%%

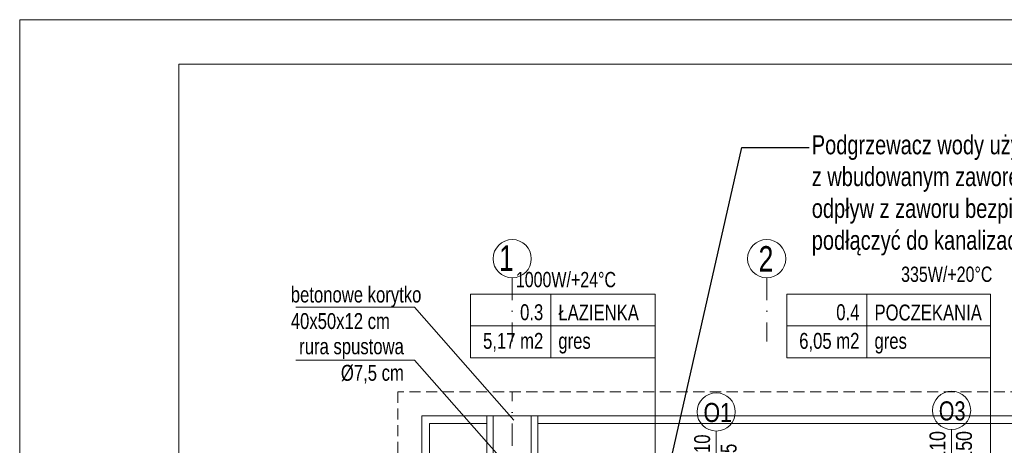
# Model space of a CAD drawing. Header units: inches. Extents: x 57112 to 98566, y -51777 to -16564.
# Tile 83 of 138: x 75573 to 76347, y -20159 to -19824. Entities that reach past the tile are written whole.
import ezdxf
from ezdxf import colors
from ezdxf.entities.mleader import LeaderData, LeaderLine
from ezdxf.lldxf.tags import DXFTag
from ezdxf.math import Vec2, Vec3

# ---------------------------------------------------------------- set-up
doc = ezdxf.new("R2010")
doc.units = ezdxf.units.IN
doc.header["$MEASUREMENT"] = 0
doc.linetypes.add('DASHDOT', pattern=[1, 0.5, -0.25, 0, -0.25])
doc.linetypes.add('HIDDEN', pattern=[0.375, 0.25, -0.125])
doc.layers.add('## 04 grzejniki opis', color=92, linetype='Continuous')
for name, color, linetype, lineweight in [('## 05 PODGRZEWACZ', 1, 'SOLID', 30), ('A--tabelka rysunku', 7, 'Continuous', 0), ('A36-obrzeże', 252, 'Continuous', 0), ('A8-opisy pomieszczeń', 250, 'Continuous', 0), ('p--dach', 251, 'Continuous', 30), ('p--opis okna', 251, 'Continuous', 0), ('p--opisy dodatkowe', 251, 'Continuous', 0), ('p--opisy pomieszczeń', 250, 'Continuous', 0), ('p--osie konstr', 250, 'DASHDOT', 15), ('p--osie konstr.-NR', 250, 'DASHDOT', 15)]:
    doc.layers.add(name, color=color, linetype=linetype, lineweight=lineweight)
doc.styles.add('1-100', font='arial.ttf', dxfattribs={"width": 0.75, "height": 18})
doc.styles.add('1-50', font='arial.ttf', dxfattribs={"width": 0.75, "height": 12.5})
doc.styles.get("Standard").update_dxf_attribs({"font": 'arial.ttf', "width": 0.75})
tags = doc.linetypes.add('SOLID', pattern=[10, 10, 0]).pattern_tags.tags
tags[6:7] = [DXFTag(74, 4), DXFTag(75, 0), DXFTag(340, '0'), DXFTag(46, 0.0), DXFTag(50, 0.0), DXFTag(44, 0.0), DXFTag(45, 0.0)]
tags[4:5] = [DXFTag(74, 4), DXFTag(75, 0), DXFTag(340, '0'), DXFTag(46, 0.0), DXFTag(50, 0.0), DXFTag(44, 0.0), DXFTag(45, 0.0)]

msp = doc.modelspace()

# ---------------------------------------------------------------- linework, layer by layer
at = {"layer": 'A--tabelka rysunku', "linetype": 'Continuous', "elevation": 151.8}
for points in [[(75572.917, -21309.191), (77672.917, -21309.191), (77672.917, -19824.191), (75572.917, -19824.191)], [(75697.917, -21274.191), (77637.917, -21274.191), (77637.917, -19859.191), (75697.917, -19859.191)]]:
    msp.add_lwpolyline(points, close=True, dxfattribs=at)
at = {"layer": 'A36-obrzeże', "linetype": 'Continuous', "ltscale": 35}
for p, q in [((75945.058, -20185.433, 151.8), (75945.058, -20135.433, 151.8)), ((75975.058, -20185.433, 151.8), (75975.058, -20135.433, 151.8))]:
    msp.add_line(p, q, dxfattribs=at)
at = {"layer": 'A36-obrzeże', "linetype": 'Continuous', "ltscale": 35, "elevation": 151.8}
for points in [[(76174.608, -20815.933), (75889.108, -20815.933), (75889.108, -20135.433), (76971.608, -20135.433), (76971.608, -20815.933), (76578.108, -20815.933)], [(75940.058, -20809.933), (75895.108, -20809.933), (75895.108, -20141.433), (75940.058, -20141.433)], [(75980.058, -20141.433), (76880.658, -20141.433)]]:
    msp.add_lwpolyline(points, dxfattribs=at)
msp.add_lwpolyline([(75940.058, -20135.433), (75980.058, -20135.433), (75980.058, -20185.433), (75940.058, -20185.433)], close=True, dxfattribs=at)
at = {"layer": 'A8-opisy pomieszczeń'}
for p, q in [((76072.375, -20089.872, 151.8), (76072.375, -20320.139, 151.8)), ((76335.88, -20089.872, 151.8), (76335.88, -20320.139, 151.8))]:
    msp.add_line(p, q, dxfattribs=at)
at = {"layer": 'p--dach', "linetype": 'HIDDEN', "lineweight": 20, "ltscale": 35, "elevation": 151.8}
msp.add_lwpolyline([(75870.248, -20834.793), (76990.468, -20834.793), (76990.468, -20116.573), (75870.248, -20116.573)], close=True, dxfattribs=at)
at = {"layer": 'p--opis okna'}
for p, q in [((76120.408, -20147.471, 151.8), (76120.408, -20227.933, 151.8)), ((76120.408, -20147.471, 151.8), (76120.408, -20217.933, 151.8)), ((76305.408, -20146.221, 151.8), (76305.408, -20227.933, 151.8)), ((76305.408, -20147.471, 151.8), (76305.408, -20217.933, 151.8))]:
    msp.add_line(p, q, dxfattribs=at)
for centre in [(76120.408, -20132.471, 151.8), (76305.408, -20131.221, 151.8)]:
    msp.add_circle(centre, 15, dxfattribs=at)
at = {"layer": 'p--opisy dodatkowe', "elevation": 151.8}
for points in [[(75789.895, -20050.237), (75883.118, -20050.237), (75961.358, -20138.938)], [(75789.895, -20091.731), (75883.118, -20091.731), (75961.358, -20180.433)]]:
    msp.add_lwpolyline(points, dxfattribs=at)
at = {"layer": 'p--opisy pomieszczeń'}
for p, q in [((75990.375, -20039.872, 151.8), (75990.375, -20089.872, 151.8)), ((76238.88, -20039.872, 151.8), (76238.88, -20089.872, 151.8)), ((76072.375, -20064.872, 151.8), (75927.375, -20064.872, 151.8)), ((76335.88, -20064.872, 151.8), (76175.88, -20064.872, 151.8))]:
    msp.add_line(p, q, dxfattribs=at)
at = {"layer": 'p--opisy pomieszczeń', "elevation": 151.8}
for points in [[(75927.375, -20089.872), (76072.375, -20089.872), (76072.375, -20039.872), (75927.375, -20039.872)], [(76175.88, -20089.872), (76335.88, -20089.872), (76335.88, -20039.872), (76175.88, -20039.872)]]:
    msp.add_lwpolyline(points, close=True, dxfattribs=at)
at = {"layer": 'p--osie konstr', "linetype": 'DASHDOT', "ltscale": 35}
msp.add_line((75960.058, -20790.933, 151.8), (75960.058, -20116.573, 151.8), dxfattribs=at)
at = {"layer": 'p--osie konstr.-NR', "linetype": 'DASHDOT', "ltscale": 35}
for p, q in [((75960.058, -20027.022, 151.8), (75960.058, -20077.022, 151.8)), ((76160.058, -20027.022, 151.8), (76160.058, -20077.022, 151.8))]:
    msp.add_line(p, q, dxfattribs=at)
at = {"layer": 'p--osie konstr.-NR', "linetype": 'Continuous', "ltscale": 35}
for centre in [(75960.058, -20012.022, 151.8), (76160.058, -20012.022, 151.8)]:
    msp.add_circle(centre, 15, dxfattribs=at)

# ---------------------------------------------------------------- texts
at = {"layer": '## 04 grzejniki opis', "char_height": 12, "attachment_point": 3}
for s, insert in [('335W/+20%%dC\\P', (76337.48, -20018.235, 151.8)), ('1000W/+24%%dC\\P', (76041.639, -20022.435, 151.8))]:
    msp.add_mtext(s, dxfattribs=dict(at, insert=insert))
at = {"layer": 'p--opis okna', "char_height": 15, "width": 74.01038, "attachment_point": 7, "style": '1-50'}
for s, insert in [('O3', (76295.374, -20139.347, 151.8)), ('\\W0.8;O1', (76110.374, -20140.597, 151.8))]:
    msp.add_mtext(s, dxfattribs=dict(at, insert=insert))
at = {"layer": 'p--opis okna', "char_height": 12.5, "width": 45.287, "attachment_point": 7, "rotation": 90, "style": '1-100'}
for s, insert in [('110\\P85', (76136.567, -20172.033, 151.8)), ('\\W0.8;110\\P150', (76321.567, -20170.783, 151.8))]:
    msp.add_mtext(s, dxfattribs=dict(at, insert=insert))
at = {"layer": 'p--opisy dodatkowe', "char_height": 12.5, "width": 177.1707, "style": '1-50'}
for s, insert, attachment_point in [('betonowe korytko\\P40x50x12 cm', (75786.012, -20033.95, 151.8), 1), ('rura spustowa\\P%%c7,5 cm', (75874.864, -20110.283, 151.8), 9)]:
    msp.add_mtext(s, dxfattribs=dict(at, insert=insert, attachment_point=attachment_point))
at = {"layer": 'p--opisy pomieszczeń', "char_height": 12.5, "style": '1-50'}
for s, insert, width, attachment_point in [('0.3', (75984.443, -20047.844, 151.8), 98, 3), ('ŁAZIENKA', (75996.306, -20048.08, 151.8), 106.86476, 1), ('0.4', (76232.948, -20047.844, 151.8), 98, 3), ('POCZEKANIA', (76244.812, -20048.08, 151.8), 106.86476, 1), ('5,17 m2', (75984.443, -20070.347, 151.8), 98, 3), ('gres', (75996.306, -20070.347, 151.8), 100, 1), ('6,05 m2', (76232.948, -20070.347, 151.8), 98, 3), ('gres', (76244.812, -20070.347, 151.8), 100, 1)]:
    msp.add_mtext(s, dxfattribs=dict(at, insert=insert, width=width, attachment_point=attachment_point))
at = {"layer": 'p--osie konstr.-NR', "linetype": 'Continuous', "ltscale": 35, "char_height": 20, "width": 63.5564, "attachment_point": 9}
for s, insert in [('1', (75961.287, -20021.577, 151.8)), ('2', (76165.304, -20022.151, 151.8))]:
    msp.add_mtext(s, dxfattribs=dict(at, insert=insert))

# ---------------------------------------------------------------- leaders
at = {"layer": '## 05 PODGRZEWACZ', "color": 1, "lineweight": 15}
ml = msp.add_multileader_mtext('Standard', dxfattribs=at)
ml.set_content('Podgrzewacz wody użytkowej wiszący 50l\\Pz wbudowanym zaworem mieszającym\\Podpływ z zaworu bezpieczeństwa podłączyć do kanalizacji poprzez syfon', color=256)
ml.set_leader_properties()
ml.build(insert=Vec2(0, 0))
ctx = ml.context
ctx.base_point, ctx.char_height, ctx.plane_origin = Vec3(76238.371, -19924.672, 240.049), 15, Vec3(76356.794, -19186.438, 240.049)
notes = []
notes.append((ctx, [(0, (1, 1, 0), (76140.627, -19924.672, 240.049), (1, 0), 52.872, [(0, [(76013.014, -20486.383, 240.049)], 0, [])])]))
ctx.mtext.insert, ctx.mtext.width, ctx.mtext.flow_direction = Vec3(76195.499, -19914.975, 240.049), 301.81321, 5
for ctx, leaders in notes:
    for number, flags, end, landing, length, lines in leaders:
        leader = LeaderData()
        leader.index, (leader.has_last_leader_line, leader.has_dogleg_vector, leader.attachment_direction) = number, flags
        leader.last_leader_point, leader.dogleg_vector, leader.dogleg_length = Vec3(end), Vec3(landing), length
        for number, points, colour, breaks in lines:
            line = LeaderLine()
            line.index, line.vertices, line.color, line.breaks = number, Vec3.list(points), colors.encode_raw_color(colour), breaks
            leader.lines.append(line)
        ctx.leaders.append(leader)

doc.saveas('drawing.dxf')

%%

Look through the material above for the string "import" and copy each line that has it.

Response to this task:
import ezdxf
from ezdxf import colors
from ezdxf.entities.mleader import LeaderData, LeaderLine
from ezdxf.lldxf.tags import DXFTag
from ezdxf.math import Vec2, Vec3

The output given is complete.